Deploy the evaluation-only HF Space without interrupting the training Space:

```bash
.venv/bin/python scripts/deploy_evidence_space.py \
  --repo-id TheJackBright/polyguard-openenv-evidence \
  --artifact-repo-id TheJackBright/polyguard-openenv-training-full-artifacts \
  --training-space-url https://thejackbright-polyguard-openenv-training-full.hf.space \
  --models qwen-qwen2-5-0-5b-instruct,qwen-qwen2-5-1-5b-instruct \
  --hardware cpu-basic
```

## Strict Final Gate

```bash
export POLYGUARD_ENFORCE_SUBMISSION_LINKS=true
.venv/bin/python scripts/acceptance_gate.py
```

Strict mode must pass only after:

- README links are not placeholders.
- `docs/results/avg_reward.png` and `docs/results/policy_stack_avg_reward.png` exist.
- `docs/results/hf_space_verification.json` has `passed: true`.
- `outputs/reports/sft_trl_run.json` has `status: ok`, non-zero examples, a non-empty artifact path, and uses `trl_unsloth` or `trl_transformers`.
- `outputs/reports/grpo_trl_run.json` has `status: ok`, accepted backend, and non-empty `artifact_path`.
- `outputs/reports/postsave_inference.json` does not use `fallback_policy`.
- `outputs/reports/improvement_report.json` has `improved: true`.
- `outputs/reports/hf_sweep_summary.json` has at least one completed non-fallback model row.
- `outputs/reports/anti_hacking_overfit_report.json` has `passed: true`.
- `GET /policy/model_status` reports the intended active run and artifact availability.

Strict mode passed during the April 26, 2026 audit.

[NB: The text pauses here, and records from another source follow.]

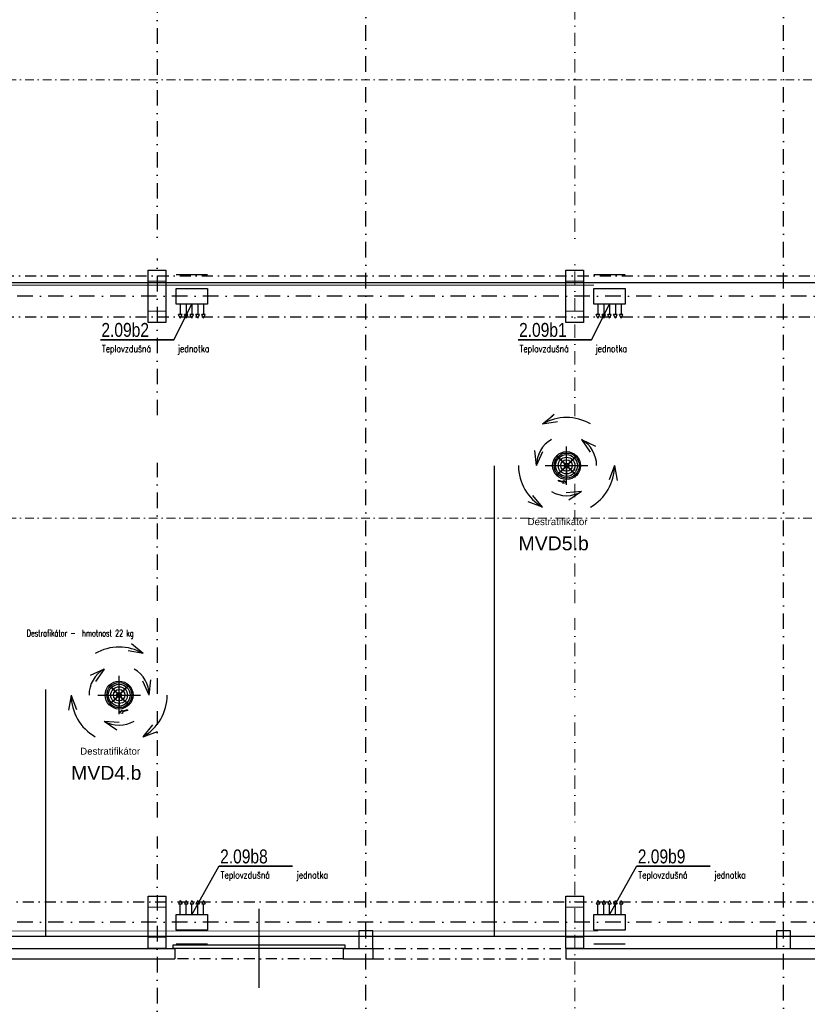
# Model space of a CAD drawing. Header units: millimetres. Extents: x -29085 to 3627694, y -159961 to 2281735.
# Tile 96 of 229: x 263983 to 286613, y 119327 to 147607. Entities that reach past the tile are written whole.
import ezdxf
from ezdxf import colors
from ezdxf.entities.mleader import LeaderData, LeaderLine
from ezdxf.enums import TextEntityAlignment as Align
from ezdxf.math import Vec2, Vec3

# ---------------------------------------------------------------- set-up
doc = ezdxf.new("R2010")
doc.units = ezdxf.units.MM
doc.linetypes.add('DASHDOT', pattern=[25.4, 12.7, -6.35, 0, -6.35])
doc.linetypes.add('ČERCHOVANÁ', pattern=[25.4, 12.7, -6.35, 0, -6.35])
for name, color, linetype in [('NWT_UT_PRIV', 1, 'Continuous'), ('NWT_UT_ZARIZENI', 4, 'Continuous'), ('Přístroje MaR', 1, 'Continuous')]:
    doc.layers.add(name, color=color, linetype=linetype)
doc.styles.add('A99_popis', font='isocpeur.ttf')
doc.styles.add('ARIAL', font='arial.ttf', dxfattribs={"width": 0.8})
doc.styles.add('PITSIMP8', font='pitsimp8')
doc.styles.add('ROMANS', font='romans.shx', dxfattribs={"width": 0.8})
doc.styles.get("Standard").update_dxf_attribs({"font": 'arial.ttf'})

# ---------------------------------------------------------------- blocks, each defined once
blk = doc.blocks.new('2dluk097')
at = {"color": 0, "linetype": 'ByBlock'}
for p, q in [((-0.05, 0.5), (-0.05, -0.1)), ((-0.05, 0.5), (0.05, 0.5)), ((0.05, 0.5), (0.05, -0.1))]:
    blk.add_line(p, q, dxfattribs=at)
for p, q in [((-0.05, -0.1), (-0.23, -0.1)), ((0, -0.5), (-0.23, -0.1)), ((0, -0.5), (0.23, -0.1)), ((0.05, -0.1), (0.23, -0.1))]:
    blk.add_line(p, q)
for points in [[(-0.05, 0.5), (0.05, 0.5), (-0.05, -0.1), (0.05, -0.1)], [(-0.23, -0.1), (0, -0.5), (0.05, -0.1), (-0.05, -0.1)], [(-0.05, -0.1), (0.23, -0.1), (0, -0.5), (-0.05, -0.1)]]:
    blk.add_solid(points)
at = {"linetype": 'ByBlock', "style": 'PITSIMP8', "flags": 9}
for tag, p in [('VOLUMENSTROM', (-0.06, 0.04)), ('DRUCK/-STUFE', (-0.06, 0.02)), ('BEZEICHNUNG', (-0.06, 0.18)), ('RAUM/GRUPPE', (-0.06, 0.16)), ('POS.NR.G-LV', (-0.06, 0.14)), ('ANSCHLUSS', (-0.06, 0)), ('FABRIKAT', (-0.06, 0.12)), ('KENNUNG', (-0.06, 0.08)), ('LEISTUNG', (-0.06, 0.06)), ('TYP', (-0.06, 0.1)), ('SPANNUNG/FREQUENZ', (-0.06, -0.12)), ('TEMPERATUR', (-0.06, -0.06)), ('SCHUTZART', (-0.06, -0.1)), ('GROESSE', (-0.06, -0.02)), ('DREHZAHL', (-0.06, -0.08)), ('GEWICHT', (-0.06, -0.14)), ('DN', (-0.06, -0.04)), ('FREI', (-0.06, -0.16)), ('FREI', (-0.06, -0.18)), ('FREI', (-0.06, -0.2))]:
    blk.add_attdef(tag, text='', height=0.01, dxfattribs=at).set_placement(p, align=Align.MIDDLE)

msp = doc.modelspace()

# ---------------------------------------------------------------- linework, layer by layer
at = {"color": 251, "linetype": 'DASHDOT', "ltscale": 35}
for p, q in [((267929, 194483.3), (267929, 89198.3)), ((401278.6, 139663.3), (210329, 139663.3)), ((401278.6, 121683.3), (210329, 121683.3))]:
    msp.add_line(p, q, dxfattribs=at)
at = {"color": 251, "linetype": 'DASHDOT', "lineweight": 5, "ltscale": 30}
msp.add_line((279929, 194483.3), (279929, 89198.3), dxfattribs=at)
at = {"color": 251, "linetype": 'ČERCHOVANÁ', "lineweight": 9, "ltscale": 20}
for p, q in [((226029, 145877.9), (358379, 145877.9)), ((226029, 133288.6), (358379, 133288.6)), ((226029, 130583.4), (358379, 130583.4))]:
    msp.add_line(p, q, dxfattribs=at)
at = {"color": 251, "linetype": 'ČERCHOVANÁ', "ltscale": 25}
for p, q in [((219679, 140253.3), (364729, 140253.3)), ((219679, 139073.3), (364729, 139073.3)), ((231679, 122273.3), (364729, 122273.3)), ((274129, 120933.3), (279679, 120933.3)), ((273279, 120633.3), (268439, 120633.3)), ((274129, 120633.3), (279679, 120633.3))]:
    msp.add_line(p, q, dxfattribs=at)
at = {"color": 251}
for p, q in [((270859, 119799.3), (270859, 122067.3)), ((255139, 120933.3), (268439, 120933.3)), ((268439, 120933.3), (268439, 120633.3)), ((273279, 120933.3), (273279, 120633.3)), ((273279, 120933.3), (274129, 120933.3)), ((274129, 120933.3), (274129, 120633.3)), ((279679, 120933.3), (279679, 120633.3)), ((279679, 120933.3), (323034, 120933.3)), ((255139, 120633.3), (268439, 120633.3)), ((273279, 120633.3), (274129, 120633.3)), ((279679, 120633.3), (323034, 120633.3))]:
    msp.add_line(p, q, dxfattribs=at)
at = {"color": 251, "linetype": 'Continuous', "ltscale": 2}
for points in [[(268179, 138913.3), (267679, 138913.3), (267679, 140413.3), (268179, 140413.3)], [(268179, 138913.3), (267679, 138913.3), (267679, 140413.3), (268179, 140413.3)], [(280179, 138913.3), (279679, 138913.3), (279679, 140413.3), (280179, 140413.3)], [(280179, 138913.3), (279679, 138913.3), (279679, 140413.3), (280179, 140413.3)], [(268179, 120933.3), (267679, 120933.3), (267679, 122433.3), (268179, 122433.3)], [(268179, 120933.3), (267679, 120933.3), (267679, 122433.3), (268179, 122433.3)], [(280179, 120933.3), (279679, 120933.3), (279679, 122433.3), (280179, 122433.3)], [(280179, 120933.3), (279679, 120933.3), (279679, 122433.3), (280179, 122433.3)]]:
    msp.add_lwpolyline(points, close=True, dxfattribs=at)
at = {"color": 251, "linetype": 'Continuous', "lineweight": 20, "ltscale": 2}
for points in [[(267679, 140413.3), (268179, 140413.3), (268179, 140093.3), (267679, 140093.3)], [(279679, 140413.3), (280179, 140413.3), (280179, 140093.3), (279679, 140093.3)], [(267679, 139233.3), (268179, 139233.3), (268179, 138913.3), (267679, 138913.3)], [(279679, 139233.3), (280179, 139233.3), (280179, 138913.3), (279679, 138913.3)], [(267679, 122433.3), (268179, 122433.3), (268179, 122113.3), (267679, 122113.3)], [(279679, 122433.3), (280179, 122433.3), (280179, 122113.3), (279679, 122113.3)], [(267679, 121253.3), (268179, 121253.3), (268179, 120933.3), (267679, 120933.3)], [(279679, 121253.3), (280179, 121253.3), (280179, 120933.3), (279679, 120933.3)]]:
    msp.add_lwpolyline(points, close=True, dxfattribs=at)
at = {"color": 251, "linetype": 'ČERCHOVANÁ', "lineweight": 9, "ltscale": 20}
msp.add_lwpolyline([(358379, 127877.9), (226029, 127877.9)], dxfattribs=at)
at = {"color": 251, "ltscale": 2}
for points in [[(274129, 121433.3), (273729, 121433.3), (273729, 120933.3), (274129, 120933.3)], [(286129, 121433.3), (285729, 121433.3), (285729, 120933.3), (286129, 120933.3)]]:
    msp.add_lwpolyline(points, close=True, dxfattribs=at)
at = {"color": 251}
msp.add_lwpolyline([(273329, 120933.3), (268389, 120933.3), (268389, 121033.3), (273329, 121033.3), (273329, 120933.3), (273329, 120933.3)], dxfattribs=at)
at = {"layer": 'NWT_UT_PRIV', "color": 251, "const_width": 20}
msp.add_lwpolyline([(268446.5, 94187.8), (214645.3, 94187.8), (214645.3, 117929.9), (238443.2, 117929.9), (238443.2, 121433.3), (280595.8, 121433.3)], dxfattribs=at)
at = {"layer": 'NWT_UT_ZARIZENI', "color": 251}
msp.add_lwpolyline([(269383, 121057.3), (268479, 121057.3)], dxfattribs=at)
at = {"layer": 'Přístroje MaR'}
for p, q in [((267529.5, 129402.7), (267191.4, 129683.2)), ((267529.5, 129402.7), (267191.4, 129683.2)), ((267529.5, 129402.7), (267096.5, 129476.6)), ((267529.5, 129402.7), (267096.5, 129476.6)), ((266407.4, 128956.9), (266010.4, 128768.9)), ((266407.4, 128956.9), (266010.4, 128768.9)), ((266407.4, 128956.9), (266157.7, 128595.5)), ((266407.4, 128956.9), (266157.7, 128595.5)), ((267121.6, 128484.2), (267108.1, 128470.7)), ((266407.8, 127459), (266845.9, 127426.7)), ((266407.8, 127459), (266771.1, 127212)), ((266407.8, 127459), (266771.1, 127212)), ((266407.8, 127459), (266845.9, 127426.7)), ((267529.5, 127013.5), (267810, 127351.5)), ((267529.5, 127013.5), (267810, 127351.5)), ((267529.5, 127013.5), (267941.5, 127166)), ((267529.5, 127013.5), (267941.5, 127166)), ((239211.4, 121287.8), (290953.5, 121283.4))]:
    msp.add_line(p, q, dxfattribs=at)
at = {"layer": 'Přístroje MaR', "linetype": 'ByBlock'}
msp.add_line((266563.7, 128489.8), (266577.2, 128476.3), dxfattribs=at)
at = {"layer": 'Přístroje MaR', "const_width": 47.4}
for points in [[(266297.5, 138413.5), (268412.5, 138413.5)], [(278297.5, 138413.5), (280412.5, 138413.5)], [(269709.3, 123290.4), (271824.4, 123290.4)], [(281709.3, 123290.4), (283824.4, 123290.4)]]:
    msp.add_lwpolyline(points, dxfattribs=at)
at = {"layer": 'Přístroje MaR'}
for points in [[(269709.3, 123290.4), (268931, 121909.3)], [(281709.3, 123290.4), (280931, 121909.3)], [(268596.7, 122309.3), (268546.7, 122209.3)], [(268546.7, 122209.3), (268646.7, 122209.3)], [(268596.7, 122309.3), (268646.7, 122209.3)], [(268596.7, 121909.3), (268596.7, 122209.3)], [(268763.8, 122309.3), (268713.8, 122209.3)], [(268713.8, 122209.3), (268813.8, 122209.3)], [(268763.8, 122309.3), (268813.8, 122209.3)], [(268763.8, 121909.3), (268763.8, 122209.3)], [(268931, 122309.3), (268881, 122209.3)], [(268931, 122309.3), (268881, 122209.3)], [(268881, 122209.3), (268981, 122209.3)], [(268881, 122209.3), (268981, 122209.3)], [(268931, 122309.3), (268981, 122209.3)], [(268931, 122309.3), (268981, 122209.3)], [(268931, 121909.3), (268931, 122209.3)], [(268931, 121909.3), (268931, 122209.3)], [(269098.1, 122309.3), (269048.1, 122209.3)], [(269048.1, 122209.3), (269148.1, 122209.3)], [(269098.1, 122309.3), (269148.1, 122209.3)], [(269098.1, 121909.3), (269098.1, 122209.3)], [(269265.2, 122309.3), (269215.2, 122209.3)], [(269215.2, 122209.3), (269315.2, 122209.3)], [(269265.2, 122309.3), (269315.2, 122209.3)], [(269265.2, 121909.3), (269265.2, 122209.3)], [(280596.7, 122309.3), (280546.7, 122209.3)], [(280546.7, 122209.3), (280646.7, 122209.3)], [(280596.7, 122309.3), (280646.7, 122209.3)], [(280596.7, 121909.3), (280596.7, 122209.3)], [(280763.8, 122309.3), (280713.8, 122209.3)], [(280713.8, 122209.3), (280813.8, 122209.3)], [(280763.8, 122309.3), (280813.8, 122209.3)], [(280763.8, 121909.3), (280763.8, 122209.3)], [(280931, 122309.3), (280881, 122209.3)], [(280931, 122309.3), (280881, 122209.3)], [(280881, 122209.3), (280981, 122209.3)], [(280881, 122209.3), (280981, 122209.3)], [(280931, 122309.3), (280981, 122209.3)], [(280931, 122309.3), (280981, 122209.3)], [(280931, 121909.3), (280931, 122209.3)], [(280931, 121909.3), (280931, 122209.3)], [(281098.1, 122309.3), (281048.1, 122209.3)], [(281048.1, 122209.3), (281148.1, 122209.3)], [(281098.1, 122309.3), (281148.1, 122209.3)], [(281098.1, 121909.3), (281098.1, 122209.3)], [(281265.2, 122309.3), (281215.2, 122209.3)], [(281215.2, 122209.3), (281315.2, 122209.3)], [(281265.2, 122309.3), (281315.2, 122209.3)], [(281265.2, 121909.3), (281265.2, 122209.3)], [(268479, 121457.3), (268479, 121909.3), (269383, 121909.3)], [(269383, 121909.3), (269383, 121457.3), (268479, 121457.3)], [(280479, 121457.3), (280479, 121909.3), (281383, 121909.3)], [(281383, 121909.3), (281383, 121457.3), (280479, 121457.3)], [(281383, 121057.3), (280479, 121057.3)]]:
    msp.add_lwpolyline(points, dxfattribs=at)
at = {"layer": 'Přístroje MaR', "linetype": 'ByBlock'}
msp.add_circle((266569.7, 128478.1), 3.6, dxfattribs=at)
msp.add_circle((266569.7, 128478.1), 3.6, dxfattribs=at)
at = {"layer": 'Přístroje MaR'}
msp.add_circle((267109.9, 128478.1), 3.6, dxfattribs=at)
msp.add_circle((267109.9, 128478.1), 3.6, dxfattribs=at)
for centre, radius, start, end in [((266839.8, 128208.1), 1379.4, 60, 120), ((266839.8, 128208.1), 1379.4, 60, 120), ((266913.5, 128281.8), 268.4, 44.14607, 45.85391), ((267101.6, 128477.2), 1.2, 315, 135), ((266913.5, 128281.8), 270, 44.15113, 45.84887), ((267108.9, 128469.8), 1.2, 315, 135), ((267118.7, 128487), 6.4, 315, 135), ((267118.7, 128487), 4, 315.26984, 135.26984), ((266839.8, 128208.1), 864.7, 240, 300), ((266839.8, 128208.1), 864.7, 240, 300)]:
    msp.add_arc(centre, radius, start, end, dxfattribs=at)
at = {"layer": 'Přístroje MaR', "linetype": 'ByBlock'}
for centre, radius, start, end in [((266560.9, 128487), 6.4, 44.99999, 224.99999), ((266560.9, 128487), 4, 45.26984, 225.26984), ((266570.7, 128469.8), 1.2, 44.99999, 224.99999), ((266766.1, 128281.8), 270, 134.15113, 135.84886), ((266766.1, 128281.8), 268.4, 134.14607, 135.85391), ((266578, 128477.2), 1.2, 44.99999, 224.99999)]:
    msp.add_arc(centre, radius, start, end, dxfattribs=at)

# ---------------------------------------------------------------- texts
at = {"layer": 'Přístroje MaR', "style": 'ROMANS', "width": 0.7}
msp.add_text('Destrafikátor -  hmotnost 22 kg', height=193.375, dxfattribs=at).set_placement((265722.9, 129890.6), align=Align.CENTER)
at = {"layer": 'Přístroje MaR'}
for s, height, p in [('Destratifikátor', 200, (266581.8, 126497.5, 31126)), ('MVD4.b', 400, (266470.4, 125775.5, 93378))]:
    msp.add_text(s, height=height, dxfattribs=at).set_placement(p, align=Align.CENTER)
at = {"layer": 'Přístroje MaR', "style": 'ARIAL', "width": 0.8}
for s, p in [('2.09b8', (269742.7, 123374.6)), ('2.09b9', (281742.7, 123374.6))]:
    msp.add_text(s, height=400, rotation=359.9994, dxfattribs=at).set_placement(p)
at = {"layer": 'Přístroje MaR'}
note = msp.add_mtext_dynamic_manual_height_columns('Teplovzdušná jednotka ', width=2162.508, gutter_width=12.5, heights=[457, 0], dxfattribs=dict(at, insert=(266345.8, 138262.3), char_height=200, attachment_point=1, style='ROMANS'))
note = msp.add_mtext_dynamic_manual_height_columns('Teplovzdušná jednotka ', width=2162.508, gutter_width=12.5, heights=[457, 0], dxfattribs=dict(at, insert=(278345.8, 138262.3), char_height=200, attachment_point=1, style='ROMANS'))
note = msp.add_mtext_dynamic_manual_height_columns('Teplovzdušná jednotka ', width=2162.508, gutter_width=12.5, heights=[457, 0], dxfattribs=dict(at, insert=(269757.7, 123139.3), char_height=200, attachment_point=1, style='ROMANS'))
note = msp.add_mtext_dynamic_manual_height_columns('Teplovzdušná jednotka ', width=2162.508, gutter_width=12.5, heights=[457, 0], dxfattribs=dict(at, insert=(281757.7, 123139.3), char_height=200, attachment_point=1, style='ROMANS'))

# ---------------------------------------------------------------- next in the draw order: leaders
at = {"color": 251, "lineweight": 9}
ml = msp.add_multileader_mtext('Standard', dxfattribs=at)
ml.set_content('\\A1;{\\C256;přesun VZT clony (II. etapa)}', color=1, style='A99_popis')
ml.set_leader_properties(color=256, linetype='ByLayer', lineweight=-1)
ml.build(insert=Vec2(0, 0))
ml.multileader.update_dxf_attribs({"dogleg_length": 3.23, "arrow_head_size": 100, "scale": 200})
ctx = ml.context
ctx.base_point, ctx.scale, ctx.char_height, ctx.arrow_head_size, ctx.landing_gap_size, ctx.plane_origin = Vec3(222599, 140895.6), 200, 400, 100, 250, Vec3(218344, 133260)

It does not perform live HTTP status checks, so the final blog/video URL still needs explicit validation.

## HF Auth Commands

```bash
./.venv/bin/hf auth login
./.venv/bin/hf auth whoami
export HF_SPACE_REPO_ID="TheJackBright/polyguard-openenv-workbench"
```

Use `./.venv/bin/hf`, not the global `hf` binary.

Private HF training artifact repositories require authentication and should not be used as judge-facing public links unless they are made public or mirrored into the repository/Space documentation.